Он ткнул в сторону отца большим пальцем.
– Понимаете, Джордж, – сказал он, – вы верите только в душу. А на тело свое смотрите как на лошадь – знай езди, пока не придет время слезать. Вы заездили себя. Не жалеете свое тело. Это противоестественно. Отсюда нервное перенапряжение.
Табуретка была неудобная, а от философствований дока Апплтона мне всегда становилось неприятно. Я решил, что приговор уже вынесен, и, раз доктор позволяет себе читать эту нудную нотацию, все в порядке. Но все же на душе у меня кошки скребли, и я рассматривал изогнутые зонды и кривые ножницы, словно это были буквы, складывавшиеся в слова. «Ай, ай!» повизгивали они. Среди этих серебристых восклицаний – игл, ланцетов, полированных зажимов – был молоточек, которым бьют по колену, и от этого нога дергается. Молоточек был трехгранный, из твердой красной резины, с блестящей рукояткой, выгнутой, чтобы врачу сподручней было держать.
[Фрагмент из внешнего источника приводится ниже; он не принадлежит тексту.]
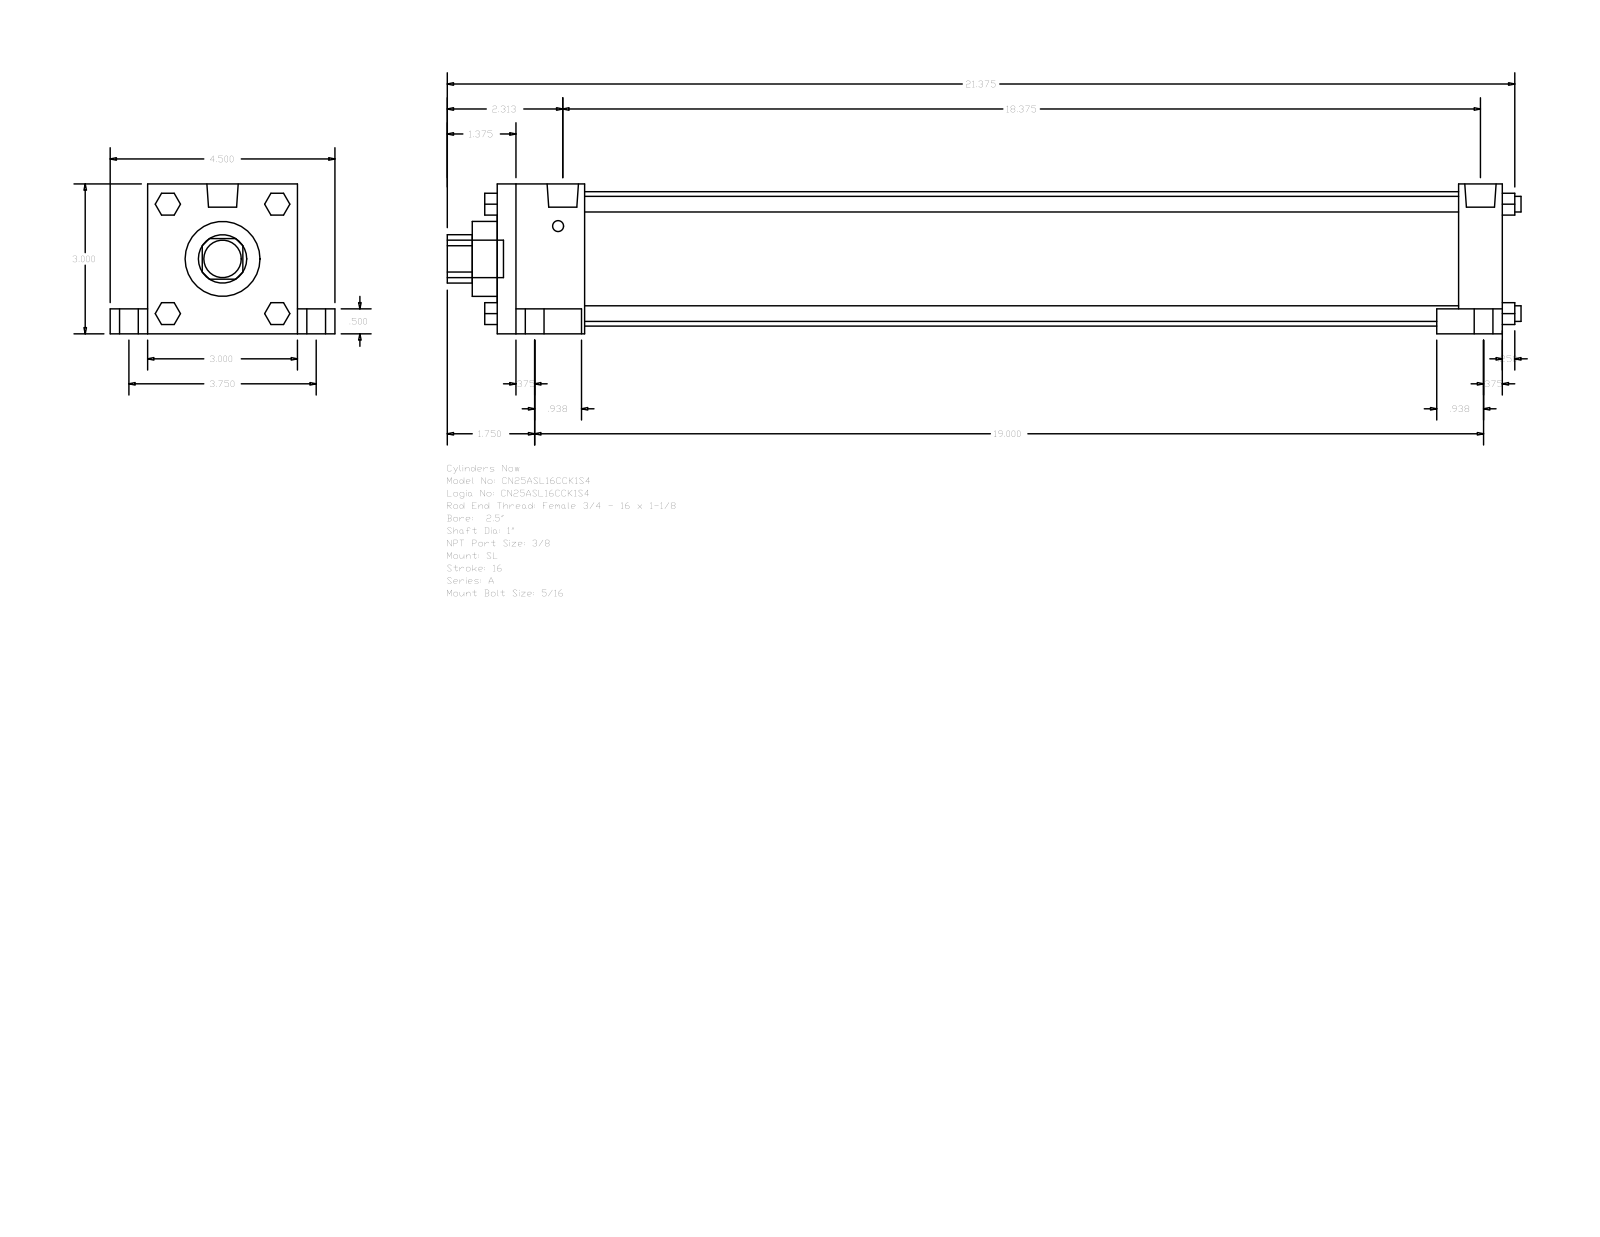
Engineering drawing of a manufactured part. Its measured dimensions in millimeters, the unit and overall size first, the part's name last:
Units: millimetres
Overall size (bounding box): 546.1 × 114.3 × 76.2
Round holes (diameter × count): ⌀25.4 ×1, ⌀38.1 ×1, ⌀68.33 ×1
Round bosses / shafts (diameter × count): ⌀15.88 ×4, ⌀9.53 ×4, ⌀7.94 ×4, ⌀5.56 ×4, ⌀15.93 ×2, ⌀19.05 ×1
Partial cylindrical surfaces — rounded edges, fillets, slot ends (radius × count): R12.29 ×1
Main face-to-face distances: 76.2, 511.18, 12.7, 44.45, 466.73, 488.95, 444.5, 22.23, 19.05, 63.5
Bodies: 0 solids, 148 faces (112 planar, 36 cylindrical, 0 other)
Part name (STEP PRODUCT): A_SL__0250_1
STEP written by: GSSL Pune (CONFIG_CONTROL_DESIGN)

Помнится, в первые разы, когда меня приводили к нему в кабинет, этот молоток особенно привлекал мое внимание. Темно-оранжевая головка, похожая на наконечник стрелы, казалась чем-то древним, как бы пращуром всех остальных инструментов. Он был похож на наконечник стрелы и в то же время на ось, и мне казалось, что он, весь покрытый крошечными вмятинами и трещинками от времени и долгого употребления, опускался в глубь времен и там, простой и весомый, в конце концов становился стержнем Вселенной.
– ...знаете себя, Джордж, – говорил док Апплтон. Его розовая, твердая, по-детски круглая ладонь предостерегающе поднялась. – Сколько лет вы учительствуете?